Trevor Montgomery, 49, moved in 2017 to the Intermountain area of Shasta County from Riverside County and runs Riverside County News Source (RCNS) and Shasta County News Source (SCNS).

Additionally, he writes or has written for several other news organizations; including Riverside County-based newspapers Valley News, Valley Chronicle, Anza Valley Outlook, and Hemet & San Jacinto Chronicle; the Bonsall/Fallbrook Village News in San Diego County; and Mountain Echo in Shasta County. He is also a regular contributor to Thin Blue Line TV and Law Enforcement News Network and has had his stories featured on news stations throughout the Southern California and North State regions.

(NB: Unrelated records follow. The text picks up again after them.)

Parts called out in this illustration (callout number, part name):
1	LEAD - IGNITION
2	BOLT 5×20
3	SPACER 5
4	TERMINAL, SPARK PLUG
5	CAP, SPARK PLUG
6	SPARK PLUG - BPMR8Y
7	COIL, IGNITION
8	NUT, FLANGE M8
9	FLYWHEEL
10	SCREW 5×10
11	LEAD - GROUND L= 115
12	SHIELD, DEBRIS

Trevor spent 10 years in the U.S. Army as an Orthopedic Specialist before joining the Riverside County Sheriff’s Department in 1998. He was medically retired after losing his leg, breaking his back, and suffering both spinal cord and brain injuries in an off-duty accident. (Click here to see segment of Discovery Channel documentary of Trevor’s accident.)

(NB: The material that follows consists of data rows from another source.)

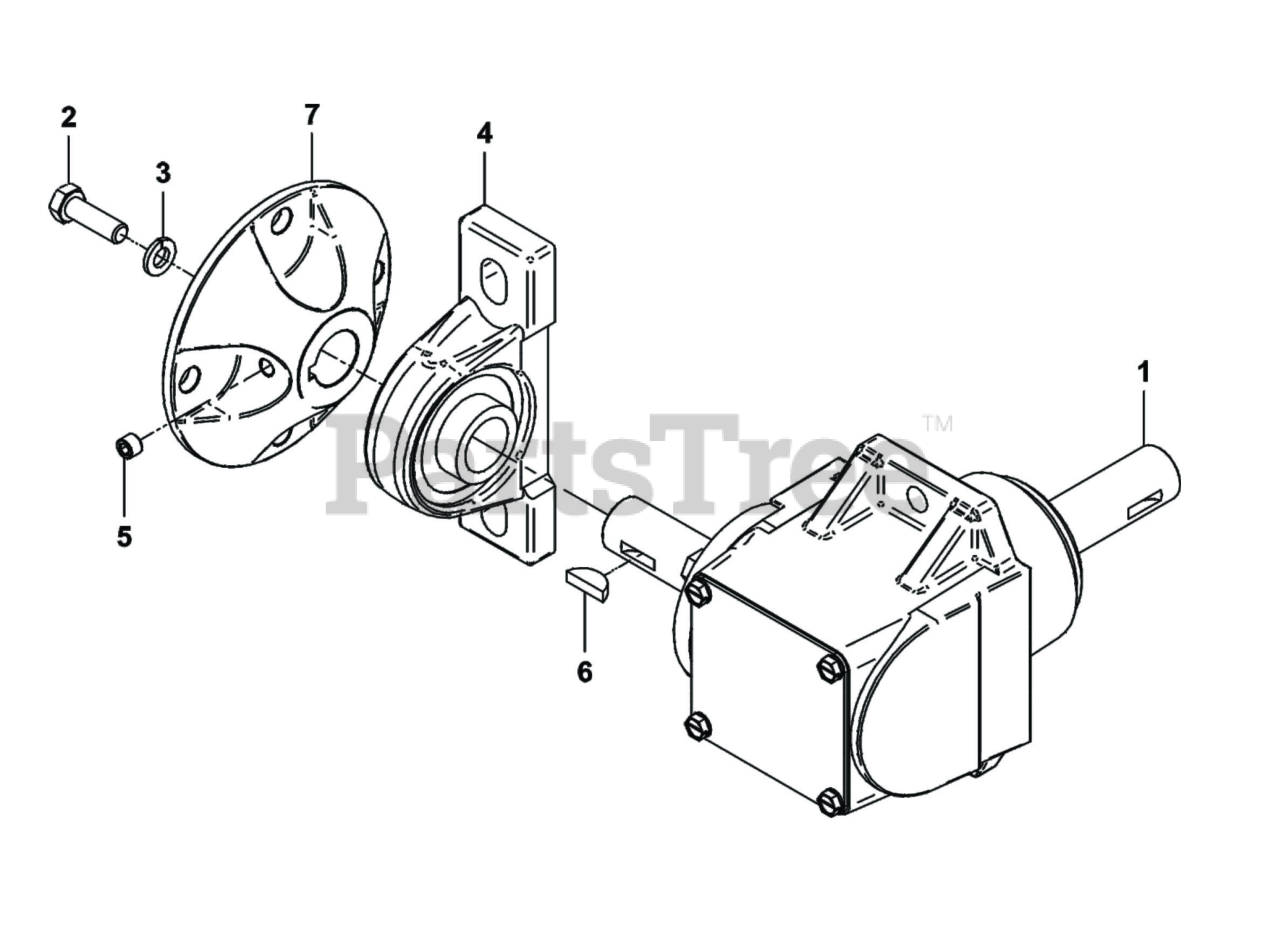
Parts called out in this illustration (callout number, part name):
2	SCREW 5/16"-24 GR8
3	LOCK WASHER 5/16"
4	PILLOW BLOCK BEARING 7/8"
5	SCREW-SET 5/16-18
6	WOODRUFF KEY #9
7	CLUTCH FLANGE ASSEMBLY

During his time with the sheriff’s department, Trevor worked at several different stations; including Robert Presley Detention Center, Southwest Station in Temecula, Hemet/Valle Vista Station, Ben Clark Public Safety Training Center, and Lake Elsinore Station; along with other locations.

Trevor’s assignments included Corrections, Patrol, DUI Enforcement, Boat and Personal Water-Craft based Lake Patrol, Off-Road Vehicle Enforcement, Problem Oriented Policing Team, and Personnel/Background Investigations. He finished his career while working as a Sex Crimes and Child Abuse Investigator and was a court-designated expert in child abuse and child sex-related crimes.

Trevor has been married for more than 30 years and was a foster parent to more than 60 children over 13 years. He is now an adoptive parent and his “fluid family” includes 13 children and 18 grandchildren.